Columna de Luis Mora Obregón: Lo que calla la política
Hay silencios que pesan más que las palabras. Hay verdades que todo el país ve, pero que nadie en el poder se atreve a pronunciar, como si nombrarlas pudiera derrumbar un edificio construido sobre cinismo, cálculo y pactos tácitos.
Chile mira hoy una crisis migratoria que no empezó ayer. No cayó del cielo. No la inventó un gobierno, ni dos.
La sembró un sistema político que prefirió mirar para el lado mientras se abrían puertas sin control, mientras se prometía un país que no existía, mientras se instalaba, sin decirlo, un experimento social y económico cuyo costo hoy pagamos todos.
Porque todo comenzó con una idea simple: traer mano de obra barata para abaratar costos y aumentar ganancias.
Fue pragmatismo disfrazado de humanitarismo; fue economía vestida de solidaridad.
Y nadie dijo en ese momento que el Estado chileno, pequeño, desfinanciado y empobrecido, no tenía la capacidad ni la estructura para sostener una migración masiva, irregular y desbordada.
Pero aquí está el punto central: ningún presupuesto público se diseña para atender a una población fantasma.
No hay ley de Presupuestos que incluya hospitales para quienes no están registrados, escuelas para quienes no aparecen en el sistema, viviendas para quienes no existen en la contabilidad del Estado.
Y aun así están aquí, porque son seres humanos con hambre, miedo, hijos, sueños y urgencias.
Y nadie puede culparlos por buscar sobrevivir.
La culpa, si existe, está más arriba.
Hoy vemos el barrio Meiggs tomado por feriantes migrantes que venden lo que pueden para comer.
¿Son delincuentes por hacerlo? No.
¿Están invadiendo el espacio público? Sí.
¿Es culpa de ellos o de un Estado que jamás previó, ordenó ni integró?
La respuesta es evidente.
Lo que indigna no es la presencia de los migrantes.
Lo que indigna es la ausencia de una política de verdad.

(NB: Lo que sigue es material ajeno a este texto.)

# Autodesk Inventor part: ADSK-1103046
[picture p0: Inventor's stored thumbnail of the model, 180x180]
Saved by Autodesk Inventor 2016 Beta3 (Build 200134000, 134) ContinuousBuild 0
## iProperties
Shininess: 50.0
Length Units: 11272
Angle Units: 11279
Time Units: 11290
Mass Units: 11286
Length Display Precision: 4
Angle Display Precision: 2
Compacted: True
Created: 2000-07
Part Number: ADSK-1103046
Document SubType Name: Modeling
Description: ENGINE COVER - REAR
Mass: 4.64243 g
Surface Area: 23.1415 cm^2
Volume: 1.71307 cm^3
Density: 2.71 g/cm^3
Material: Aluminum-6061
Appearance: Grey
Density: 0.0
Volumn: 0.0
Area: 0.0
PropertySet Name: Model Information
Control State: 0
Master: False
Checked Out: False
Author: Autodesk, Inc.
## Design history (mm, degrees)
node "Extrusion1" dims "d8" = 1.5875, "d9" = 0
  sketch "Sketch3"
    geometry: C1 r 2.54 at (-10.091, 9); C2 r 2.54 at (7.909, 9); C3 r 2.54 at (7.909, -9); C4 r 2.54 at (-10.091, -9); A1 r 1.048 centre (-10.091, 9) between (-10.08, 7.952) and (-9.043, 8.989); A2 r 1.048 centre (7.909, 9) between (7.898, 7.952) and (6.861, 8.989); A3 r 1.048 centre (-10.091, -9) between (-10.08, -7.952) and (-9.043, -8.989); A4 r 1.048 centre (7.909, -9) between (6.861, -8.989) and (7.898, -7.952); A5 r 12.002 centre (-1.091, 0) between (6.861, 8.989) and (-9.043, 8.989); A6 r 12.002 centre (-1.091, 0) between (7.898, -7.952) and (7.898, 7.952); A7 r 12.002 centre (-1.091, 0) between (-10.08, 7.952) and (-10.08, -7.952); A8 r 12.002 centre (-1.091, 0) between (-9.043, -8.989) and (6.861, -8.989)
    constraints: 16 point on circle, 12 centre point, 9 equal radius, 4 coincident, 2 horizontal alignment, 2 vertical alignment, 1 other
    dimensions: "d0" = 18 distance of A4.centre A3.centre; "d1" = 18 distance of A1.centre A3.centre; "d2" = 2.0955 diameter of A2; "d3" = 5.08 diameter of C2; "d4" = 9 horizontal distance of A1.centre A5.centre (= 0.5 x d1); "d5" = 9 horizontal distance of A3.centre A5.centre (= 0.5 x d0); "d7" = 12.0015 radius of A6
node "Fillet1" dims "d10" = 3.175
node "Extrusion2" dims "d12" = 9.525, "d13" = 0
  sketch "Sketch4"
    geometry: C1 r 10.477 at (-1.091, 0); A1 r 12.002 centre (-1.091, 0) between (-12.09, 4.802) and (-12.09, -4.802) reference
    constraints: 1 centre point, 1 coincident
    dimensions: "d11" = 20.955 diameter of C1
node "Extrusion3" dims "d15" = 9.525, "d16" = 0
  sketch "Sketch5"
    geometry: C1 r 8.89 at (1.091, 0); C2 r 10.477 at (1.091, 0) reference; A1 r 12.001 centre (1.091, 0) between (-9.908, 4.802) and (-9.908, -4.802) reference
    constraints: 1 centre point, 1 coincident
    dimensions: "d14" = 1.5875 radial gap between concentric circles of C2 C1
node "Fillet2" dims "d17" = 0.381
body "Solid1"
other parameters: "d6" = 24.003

Porque mientras la tele muestra persecuciones, detenciones, protestas y carpas, Chile entero sabe que la raíz del problema fue política y empresarial, no humana.
Pero nadie lo dice.
Como si la verdad fuera un territorio prohibido.
En cada debate escuchamos culpables inventados, frases hechas, promesas recicladas, pero jamás una explicación honesta: la migración irregular masiva quebró la estructura del Estado.
Colapsó salud. Desbordó la educación. Aceleró el padrón automotriz. Reventó los servicios básicos.
Y dejó en evidencia una precariedad institucional que venía escondida desde hace décadas.
Pero la política calla.
Calla porque nadie quiere pagar el costo de haber abierto las puertas sin plan.
Calla porque decir la verdad implica reconocer errores históricos.
Calla porque en Chile gobierne quien gobierne, el modelo económico sigue intacto, protegido, blindado, asegurado por una Constitución que garantiza alternancia pero no transformación.
Y ese silencio es el más violento de todos.
El trabajador chileno compite con salarios imposibles.
El Estado se estira como un elástico viejo que ya no da más.
Y mientras tanto, los poderosos siguen ganando lo mismo, o más, que antes.
El país observa.
El país siente.
El país sufre.
Y aun así, nadie en el Congreso se atreve a decir la frase que lo resume todo: “No dijimos la verdad cuando había que decirla.”
Pero alguien tiene que escribirlo.
Alguien tiene que romper el silencio.
Porque un país no se hunde por crisis, sino por mentiras.
Y no se reconstruye con discursos, sino con verdad.